A series of molybdenum and tungsten nitrido, [M(N)(X)(diphos)2], and imido complexes, [M(NH)(X)(diphos)2)]Y, (M = Mo, W) with diphosphine coligands (diphos = dppe/depe), various trans ligands (X = N3-, Cl-, NCCH3) and different counterions (Y-= Cl-, BPh4-) is investigated. These compounds are studied by infrared and Raman spectroscopies; they are also studied with isotope-substitution and optical-absorption, as well as emission, spectroscopies. In the nitrido complexes with trans-azido and -chloro coligands, the metal-N stretch is found at about 980 cm(-1); upon protonation, it is lowered to about 920 cm(-1). The 1A1 --> 1E (n --> pi) electronic transition is observed for [Mo(N)(N3)(depe)2] at 398 nm and shows a progression in the metal-N stretch of 810 cm(-1). The corresponding 3E --> 1A (pi --> n) emission band is observed at 542 nm, exhibiting a progression in the metal-N stretch of 980 cm(-1). In the imido system [Mo(NH)(N3)(depe)2]BPh4, the n --> pi transition is shifted to lower energy (518 nm) and markedly decreases in intensity. In the trans-nitrile complex [Mo(N)(NCCH3)(dppe)2]BPh4, the metal-N(nitrido) stretching frequency increases to 1016 cm(-1).

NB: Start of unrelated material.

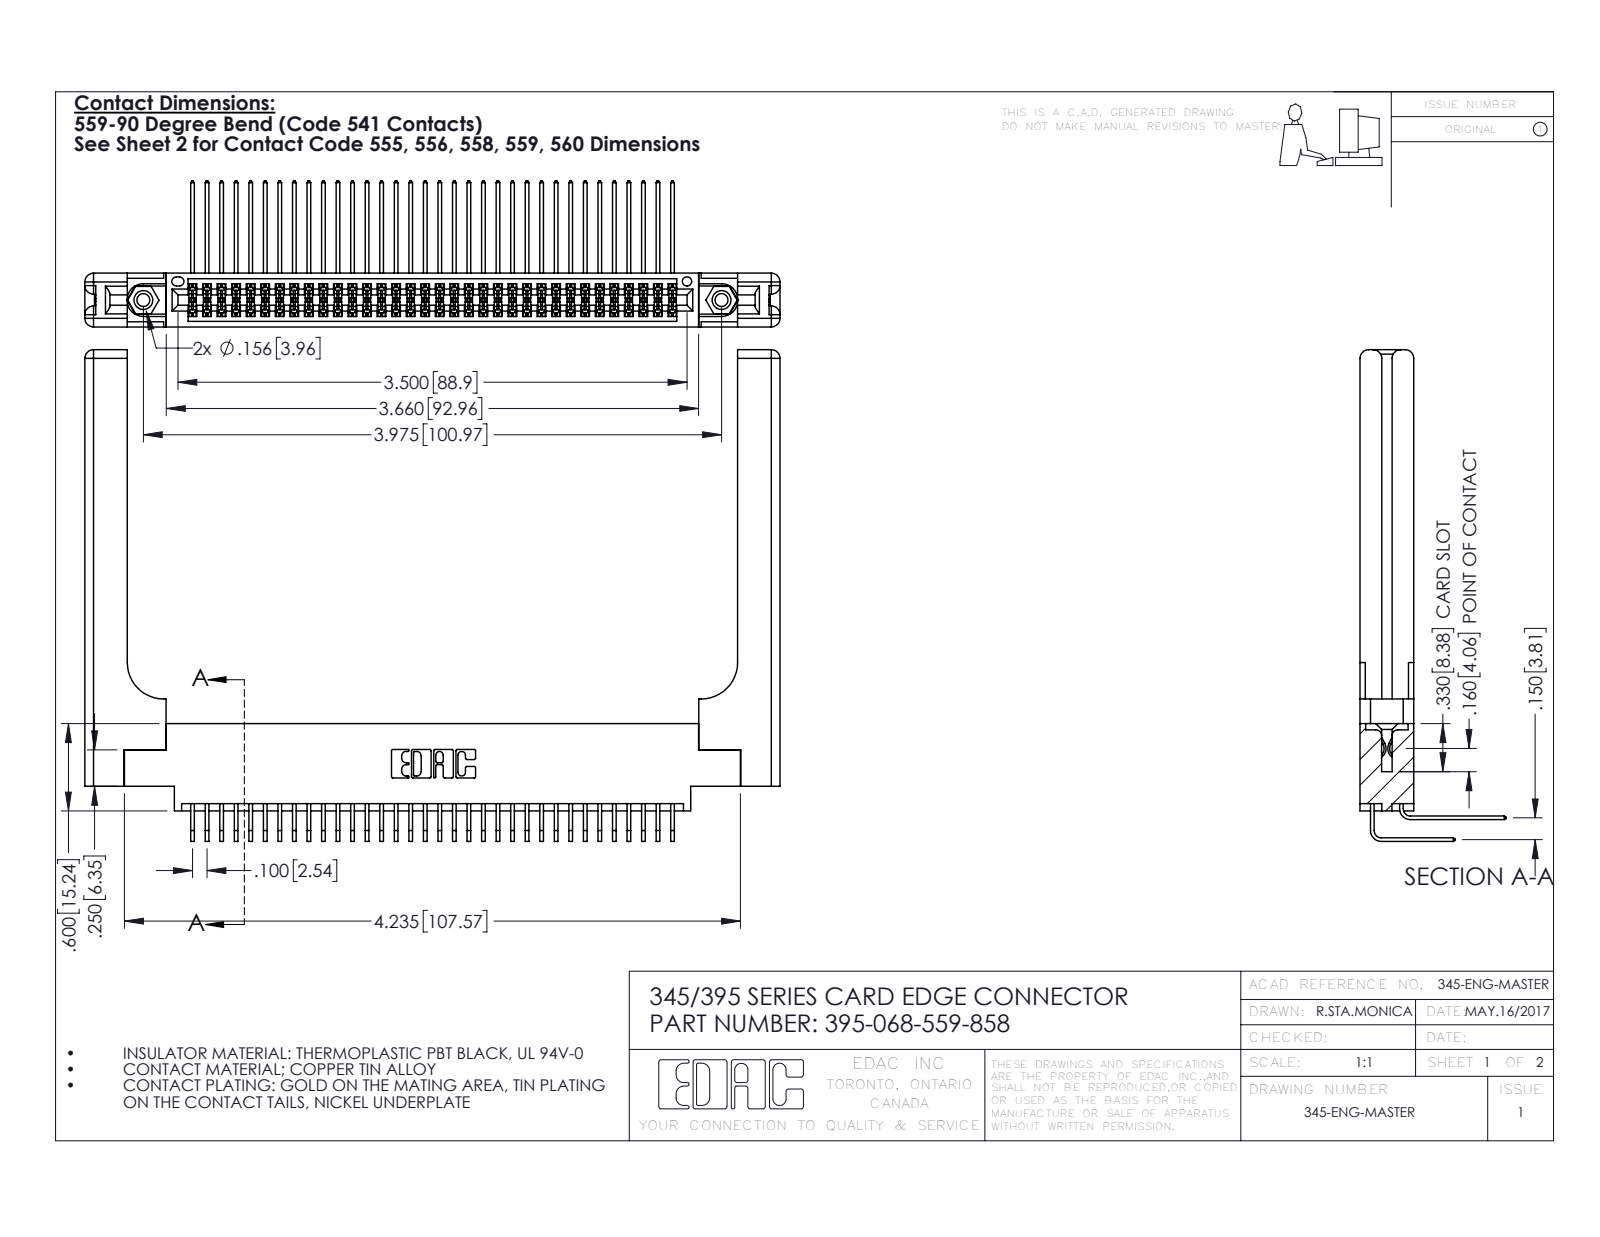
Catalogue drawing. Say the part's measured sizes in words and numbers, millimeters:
The part is named "395-068-559-858; 345-292-001_559 Tail - 2; 345-250-001_345-250-001-102; 345-220-058_345-220-058 (+2 more)". Its 3-D file was written by "SolidWorks 2016 (CONFIG_CONTROL_DESIGN)". It is 73 solids with 3922 faces: 2612 planar, 1250 cylindrical and 60 other. Overall it measures 121.4 by 85.8 by 25.5 millimeters. Its volume is 20 470 cubic millimeters and its surface area 24 630 square millimeters. Round holes: 2 of diameter 2.3, 2 of diameter 3.2, 2 of diameter 4, 1 of diameter 1.6. Round bosses or shafts: 2 of diameter 3.9. Partial cylindrical surfaces (rounded edges, fillets, slot ends): 103 of radius 0.2, 22 of radius 0.3, 16 of radius 1.5, 6 of radius 0.2, 6 of radius 0.8, 3 of radius 0.7, 2 of radius 0.4, 2 of radius 0.5. The main face-to-face distances are 9.4, 1.8, 7.6, 2.5, 6.9, 0.6, 5.1, 5.7, 3.8, 4.4. The hole center spacings are 6.9, 95, 101.

The n --> pi transition now is found at 450 nm, shifting to 525 nm upon protonation. Most importantly, the reduction of this nitrido trans-nitrile complex is drastically facilitated compared to its counterparts with anionic trans-ligands (Epred = -1.5 V vs Fc+/Fc). On the other hand, the basicity of the nitrido group is decreased (pKa{[Mo(NH)(NCCH3)(dppe)2](BPh4)2} = 5). The implications of these findings with respect to the Chatt cycle are discussed.

Catalytic reduction of dinitrogen to ammonia at well-defined single metal sites

Dinitrogen (N2) is reduced to ammonia at room temperature and 1atm with molybdenum catalysts that contain tetradentate [HIPTN3N]3- triamidoamine ligands {[HIPTN3N]3-=[{3,5-(2,4,6-i-Pr3C6H2)2C6H3NCH2CH2}3N]3-, an example being [HIPTN3N]Mo(N2)} in heptane. Slow addition of the proton source ({2,6-lutidinium}{BAr'4}; Ar'=3,5-(CF3)2C6H3) and reductant (decamethyl chromocene) assure a high yield of ammonia (63-65% in four turnovers) versus dihydrogen formation. Numerous X-ray studies, along with isolation and characterization of seven intermediates in the proposed catalytic reaction (under noncatalytic conditions), suggest that N2 is being reduced at a sterically protected, single Mo centre that cycles between states Mo(III), Mo(IV), Mo(V) and Mo(VI).